__Required work__. Could you set down the lines from the first line of the entries below through the line with "doc.units = 0", exactly and with no pictures?

__Records for this task__.
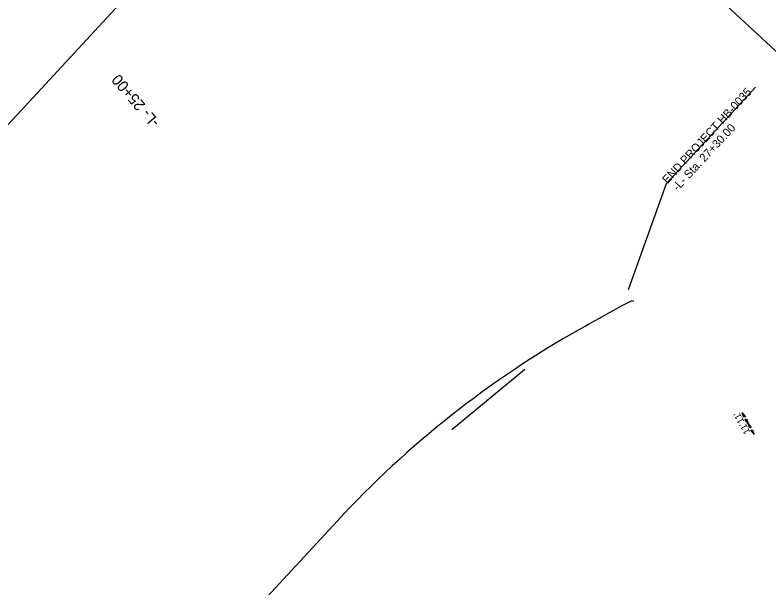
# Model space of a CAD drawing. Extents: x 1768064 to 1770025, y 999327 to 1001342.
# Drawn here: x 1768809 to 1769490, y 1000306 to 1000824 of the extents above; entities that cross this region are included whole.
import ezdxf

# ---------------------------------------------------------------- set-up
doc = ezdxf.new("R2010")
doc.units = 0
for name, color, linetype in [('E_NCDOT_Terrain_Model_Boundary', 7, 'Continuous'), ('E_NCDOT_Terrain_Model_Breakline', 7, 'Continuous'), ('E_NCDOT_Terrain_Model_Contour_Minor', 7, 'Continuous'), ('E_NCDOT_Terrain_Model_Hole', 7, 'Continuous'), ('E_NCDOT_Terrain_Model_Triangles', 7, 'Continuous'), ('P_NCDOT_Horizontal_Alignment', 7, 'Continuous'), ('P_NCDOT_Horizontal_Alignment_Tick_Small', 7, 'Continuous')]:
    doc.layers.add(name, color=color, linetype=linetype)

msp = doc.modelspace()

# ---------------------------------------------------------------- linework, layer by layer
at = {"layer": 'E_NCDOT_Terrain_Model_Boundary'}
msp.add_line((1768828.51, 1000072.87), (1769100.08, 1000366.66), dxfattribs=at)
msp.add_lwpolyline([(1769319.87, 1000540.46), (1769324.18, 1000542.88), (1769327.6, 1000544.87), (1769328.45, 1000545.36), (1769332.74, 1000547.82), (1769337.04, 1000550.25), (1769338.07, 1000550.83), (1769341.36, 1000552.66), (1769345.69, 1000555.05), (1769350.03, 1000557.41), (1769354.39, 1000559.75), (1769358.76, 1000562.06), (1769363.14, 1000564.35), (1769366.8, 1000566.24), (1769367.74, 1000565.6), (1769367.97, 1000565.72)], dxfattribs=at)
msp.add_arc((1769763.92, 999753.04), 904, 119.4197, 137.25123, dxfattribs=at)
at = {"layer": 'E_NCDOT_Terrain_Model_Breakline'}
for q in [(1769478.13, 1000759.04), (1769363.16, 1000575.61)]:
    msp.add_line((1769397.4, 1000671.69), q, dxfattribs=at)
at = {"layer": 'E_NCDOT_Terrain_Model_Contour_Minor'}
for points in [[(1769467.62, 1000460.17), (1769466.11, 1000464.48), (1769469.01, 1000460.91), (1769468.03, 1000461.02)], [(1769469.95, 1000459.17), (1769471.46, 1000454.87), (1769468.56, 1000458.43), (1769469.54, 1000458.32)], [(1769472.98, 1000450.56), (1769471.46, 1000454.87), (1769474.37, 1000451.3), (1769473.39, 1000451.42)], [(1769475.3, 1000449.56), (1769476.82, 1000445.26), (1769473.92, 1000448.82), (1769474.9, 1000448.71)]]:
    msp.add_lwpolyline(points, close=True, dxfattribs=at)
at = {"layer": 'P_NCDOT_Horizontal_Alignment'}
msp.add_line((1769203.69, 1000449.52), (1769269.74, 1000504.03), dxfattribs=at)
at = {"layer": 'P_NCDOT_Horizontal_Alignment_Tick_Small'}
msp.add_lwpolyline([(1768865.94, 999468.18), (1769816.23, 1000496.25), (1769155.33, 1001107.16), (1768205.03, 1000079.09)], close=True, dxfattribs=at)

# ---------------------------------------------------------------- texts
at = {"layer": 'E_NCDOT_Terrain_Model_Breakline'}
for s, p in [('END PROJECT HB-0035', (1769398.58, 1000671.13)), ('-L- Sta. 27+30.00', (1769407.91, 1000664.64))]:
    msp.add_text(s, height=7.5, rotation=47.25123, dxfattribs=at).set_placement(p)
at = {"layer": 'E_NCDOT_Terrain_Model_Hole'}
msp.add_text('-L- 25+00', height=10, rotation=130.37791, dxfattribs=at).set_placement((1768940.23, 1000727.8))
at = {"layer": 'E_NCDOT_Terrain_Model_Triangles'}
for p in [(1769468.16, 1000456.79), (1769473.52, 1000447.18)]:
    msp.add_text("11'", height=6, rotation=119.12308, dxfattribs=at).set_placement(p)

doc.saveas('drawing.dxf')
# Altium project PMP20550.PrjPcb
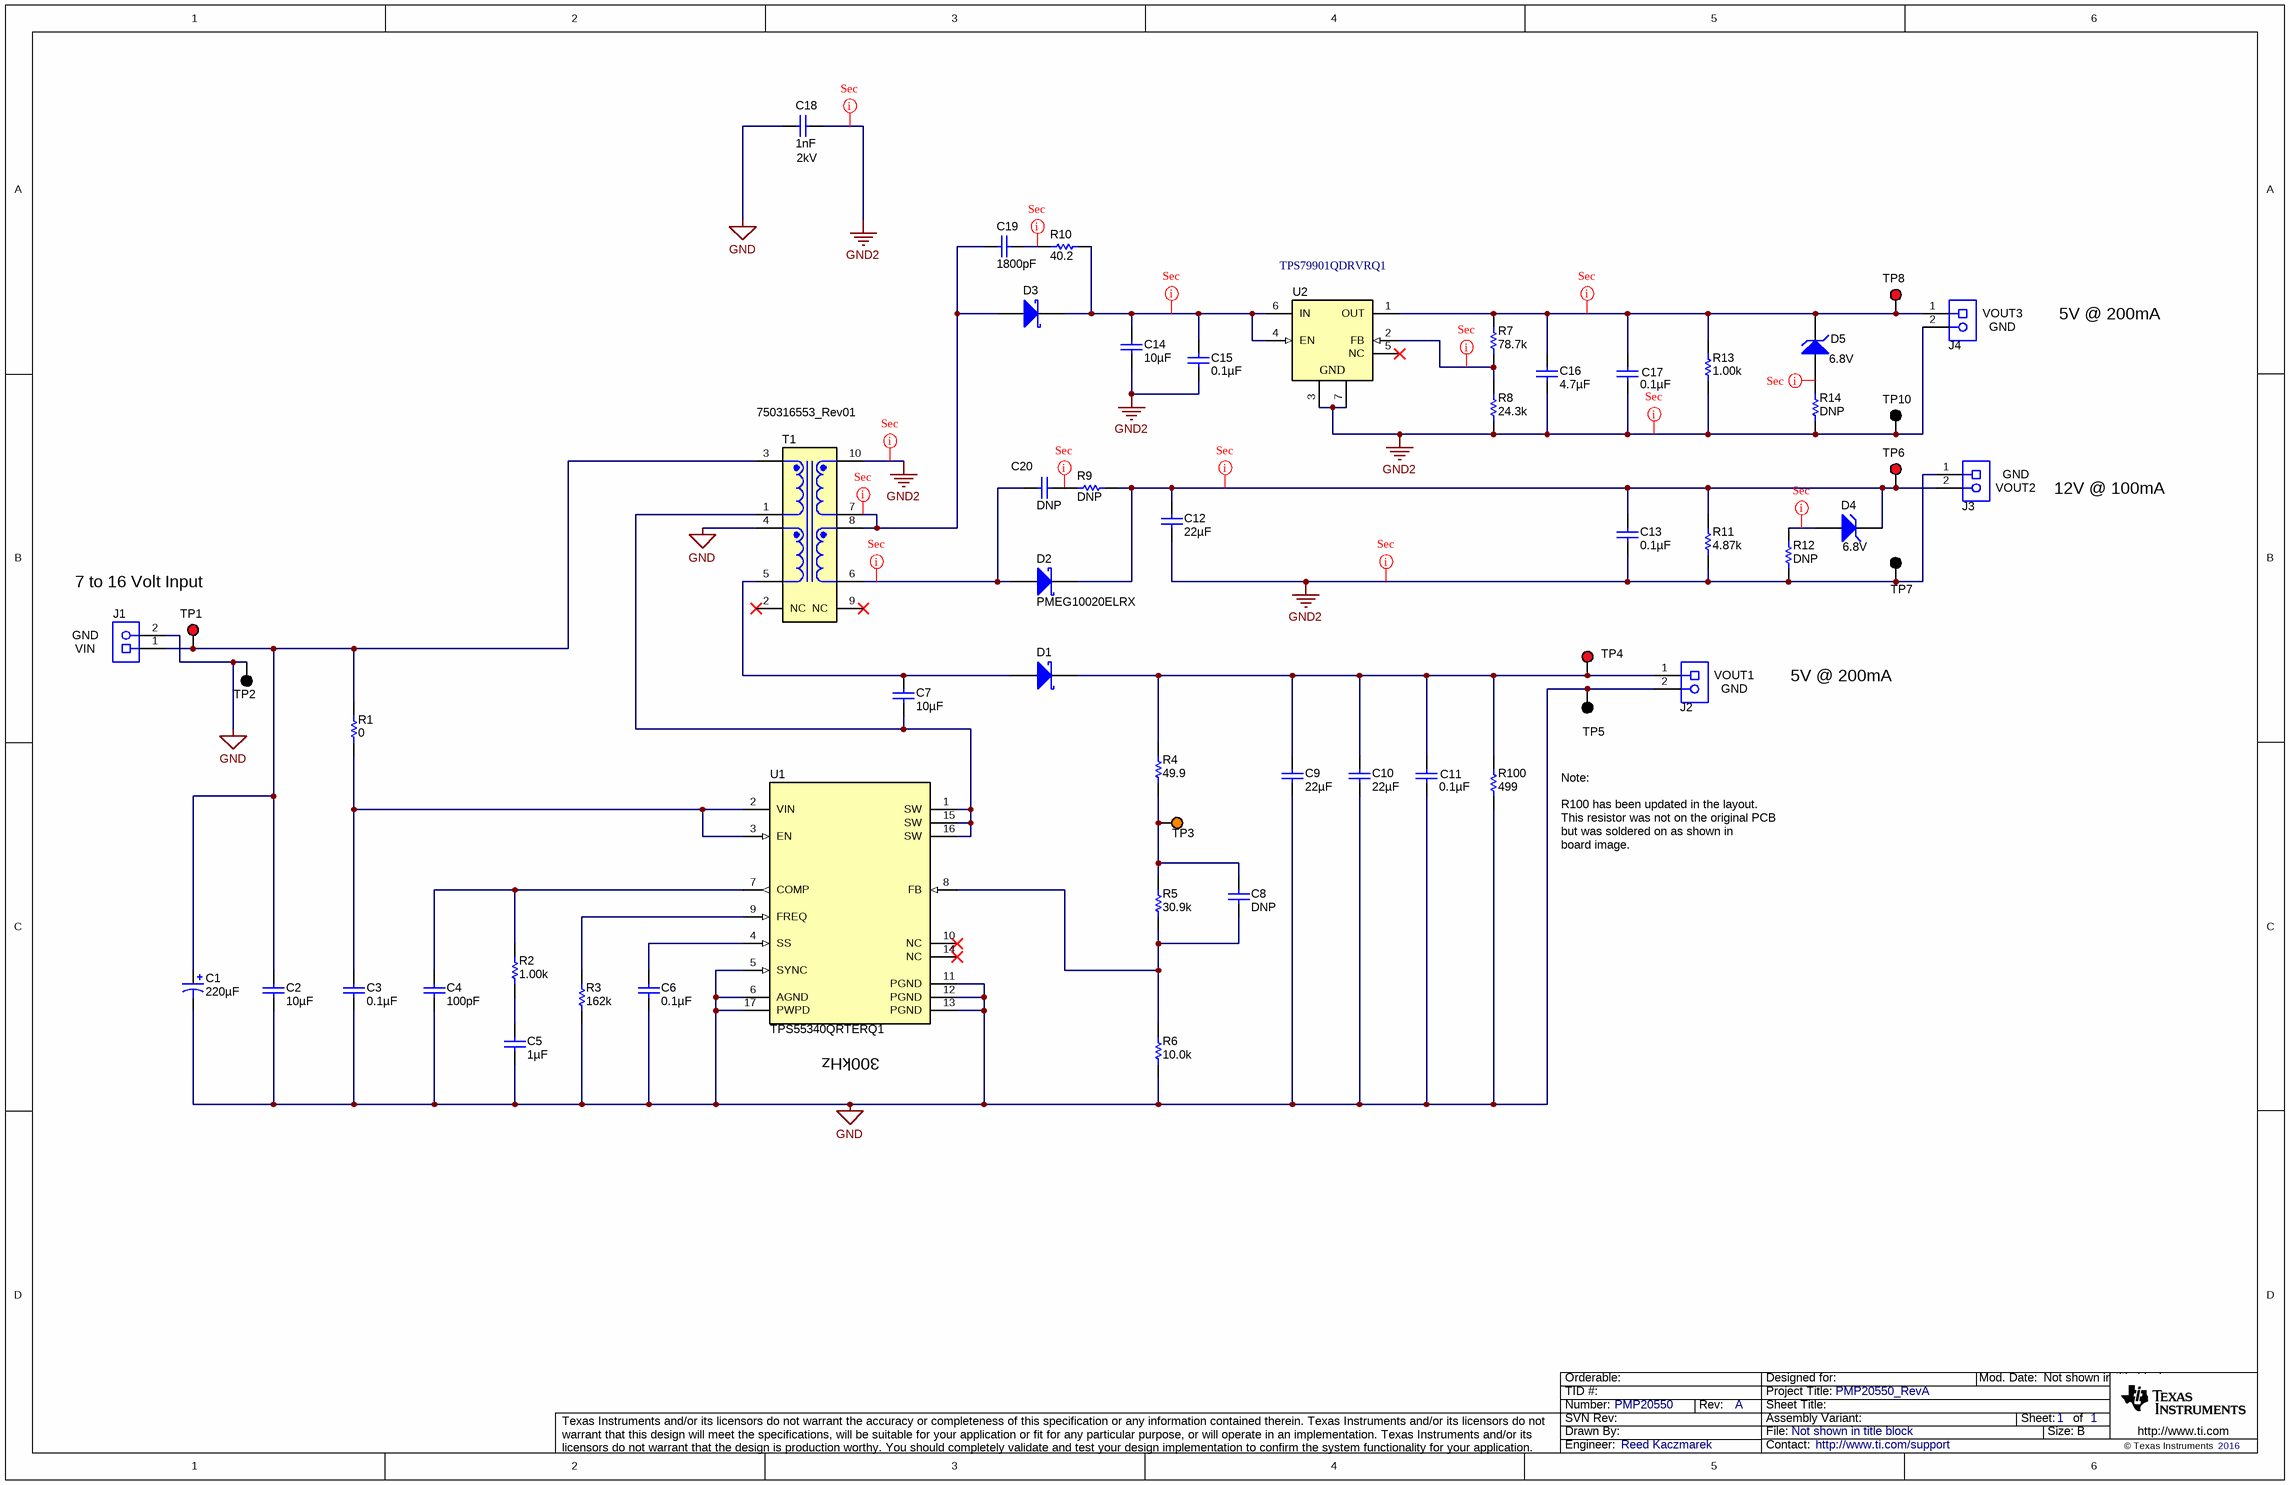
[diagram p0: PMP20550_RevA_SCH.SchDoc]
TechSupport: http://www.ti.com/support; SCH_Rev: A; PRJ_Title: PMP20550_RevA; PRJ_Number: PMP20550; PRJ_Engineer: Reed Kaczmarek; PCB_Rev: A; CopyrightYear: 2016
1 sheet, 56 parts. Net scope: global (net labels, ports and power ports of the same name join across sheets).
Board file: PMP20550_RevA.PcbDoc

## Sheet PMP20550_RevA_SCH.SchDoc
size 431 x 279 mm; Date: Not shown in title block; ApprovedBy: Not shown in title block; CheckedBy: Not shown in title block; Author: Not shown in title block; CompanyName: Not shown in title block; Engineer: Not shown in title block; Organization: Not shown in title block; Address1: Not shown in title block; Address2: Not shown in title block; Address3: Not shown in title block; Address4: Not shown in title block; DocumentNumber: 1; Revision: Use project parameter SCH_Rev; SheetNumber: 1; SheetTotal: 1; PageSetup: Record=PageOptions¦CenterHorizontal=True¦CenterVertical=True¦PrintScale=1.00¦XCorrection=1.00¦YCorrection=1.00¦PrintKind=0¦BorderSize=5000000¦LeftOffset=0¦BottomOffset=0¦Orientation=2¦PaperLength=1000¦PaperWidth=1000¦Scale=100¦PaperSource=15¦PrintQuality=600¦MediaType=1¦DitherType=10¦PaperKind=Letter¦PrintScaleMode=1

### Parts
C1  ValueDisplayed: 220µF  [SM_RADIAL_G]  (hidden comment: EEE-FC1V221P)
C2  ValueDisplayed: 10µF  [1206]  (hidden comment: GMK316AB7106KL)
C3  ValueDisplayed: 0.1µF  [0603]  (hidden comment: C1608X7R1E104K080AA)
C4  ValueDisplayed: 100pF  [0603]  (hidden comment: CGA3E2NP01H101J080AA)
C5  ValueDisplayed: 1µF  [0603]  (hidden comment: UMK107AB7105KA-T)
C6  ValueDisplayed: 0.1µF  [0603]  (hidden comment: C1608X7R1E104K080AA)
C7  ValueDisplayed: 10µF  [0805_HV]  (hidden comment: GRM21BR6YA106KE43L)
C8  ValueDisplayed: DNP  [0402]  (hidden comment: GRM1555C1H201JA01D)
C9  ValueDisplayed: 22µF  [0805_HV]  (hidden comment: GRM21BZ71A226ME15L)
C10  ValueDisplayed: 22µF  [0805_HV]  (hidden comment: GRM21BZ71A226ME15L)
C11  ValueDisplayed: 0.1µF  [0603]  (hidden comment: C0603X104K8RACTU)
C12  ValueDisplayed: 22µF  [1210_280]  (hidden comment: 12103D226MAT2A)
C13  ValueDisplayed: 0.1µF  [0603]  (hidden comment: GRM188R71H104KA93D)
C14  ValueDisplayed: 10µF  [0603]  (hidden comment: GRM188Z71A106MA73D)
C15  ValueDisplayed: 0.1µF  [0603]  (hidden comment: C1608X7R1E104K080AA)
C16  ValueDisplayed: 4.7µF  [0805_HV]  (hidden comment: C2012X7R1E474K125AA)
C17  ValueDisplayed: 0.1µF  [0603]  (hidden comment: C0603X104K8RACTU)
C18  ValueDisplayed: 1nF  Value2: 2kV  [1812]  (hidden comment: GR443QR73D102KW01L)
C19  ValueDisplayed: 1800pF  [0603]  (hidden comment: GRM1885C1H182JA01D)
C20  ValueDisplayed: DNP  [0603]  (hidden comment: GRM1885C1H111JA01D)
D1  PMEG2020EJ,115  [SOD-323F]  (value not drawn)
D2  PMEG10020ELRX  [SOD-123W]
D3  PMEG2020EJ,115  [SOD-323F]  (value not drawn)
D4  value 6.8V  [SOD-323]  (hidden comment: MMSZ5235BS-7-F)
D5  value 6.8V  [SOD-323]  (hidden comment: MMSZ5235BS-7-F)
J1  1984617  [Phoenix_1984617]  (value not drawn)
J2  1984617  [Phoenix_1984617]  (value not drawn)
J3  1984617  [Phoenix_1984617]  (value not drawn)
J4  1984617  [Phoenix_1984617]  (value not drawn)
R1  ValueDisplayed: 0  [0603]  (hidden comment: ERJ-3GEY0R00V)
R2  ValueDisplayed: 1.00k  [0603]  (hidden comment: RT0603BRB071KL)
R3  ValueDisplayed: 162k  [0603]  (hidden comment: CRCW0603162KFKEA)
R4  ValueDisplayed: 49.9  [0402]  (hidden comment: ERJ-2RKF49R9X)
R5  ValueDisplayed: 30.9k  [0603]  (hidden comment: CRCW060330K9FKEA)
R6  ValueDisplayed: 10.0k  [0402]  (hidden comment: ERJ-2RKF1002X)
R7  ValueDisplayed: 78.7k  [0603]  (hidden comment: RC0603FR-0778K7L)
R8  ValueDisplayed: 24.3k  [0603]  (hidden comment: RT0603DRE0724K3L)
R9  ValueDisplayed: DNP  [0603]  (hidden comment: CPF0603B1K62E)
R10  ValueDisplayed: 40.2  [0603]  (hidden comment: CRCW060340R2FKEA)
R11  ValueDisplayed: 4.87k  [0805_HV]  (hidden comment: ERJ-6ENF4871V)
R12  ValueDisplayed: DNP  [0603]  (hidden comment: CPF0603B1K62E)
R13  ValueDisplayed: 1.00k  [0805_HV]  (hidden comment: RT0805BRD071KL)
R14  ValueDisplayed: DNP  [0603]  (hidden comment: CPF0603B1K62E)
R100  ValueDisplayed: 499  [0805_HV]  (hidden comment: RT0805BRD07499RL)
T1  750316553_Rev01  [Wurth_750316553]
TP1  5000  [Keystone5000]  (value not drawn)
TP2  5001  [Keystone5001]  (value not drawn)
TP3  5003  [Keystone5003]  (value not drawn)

__Answer section__.
# Model space of a CAD drawing. Extents: x 1768064 to 1770025, y 999327 to 1001342.
# Drawn here: x 1768809 to 1769490, y 1000306 to 1000824 of the extents above; entities that cross this region are included whole.
import ezdxf

# ---------------------------------------------------------------- set-up
doc = ezdxf.new("R2010")
doc.units = 0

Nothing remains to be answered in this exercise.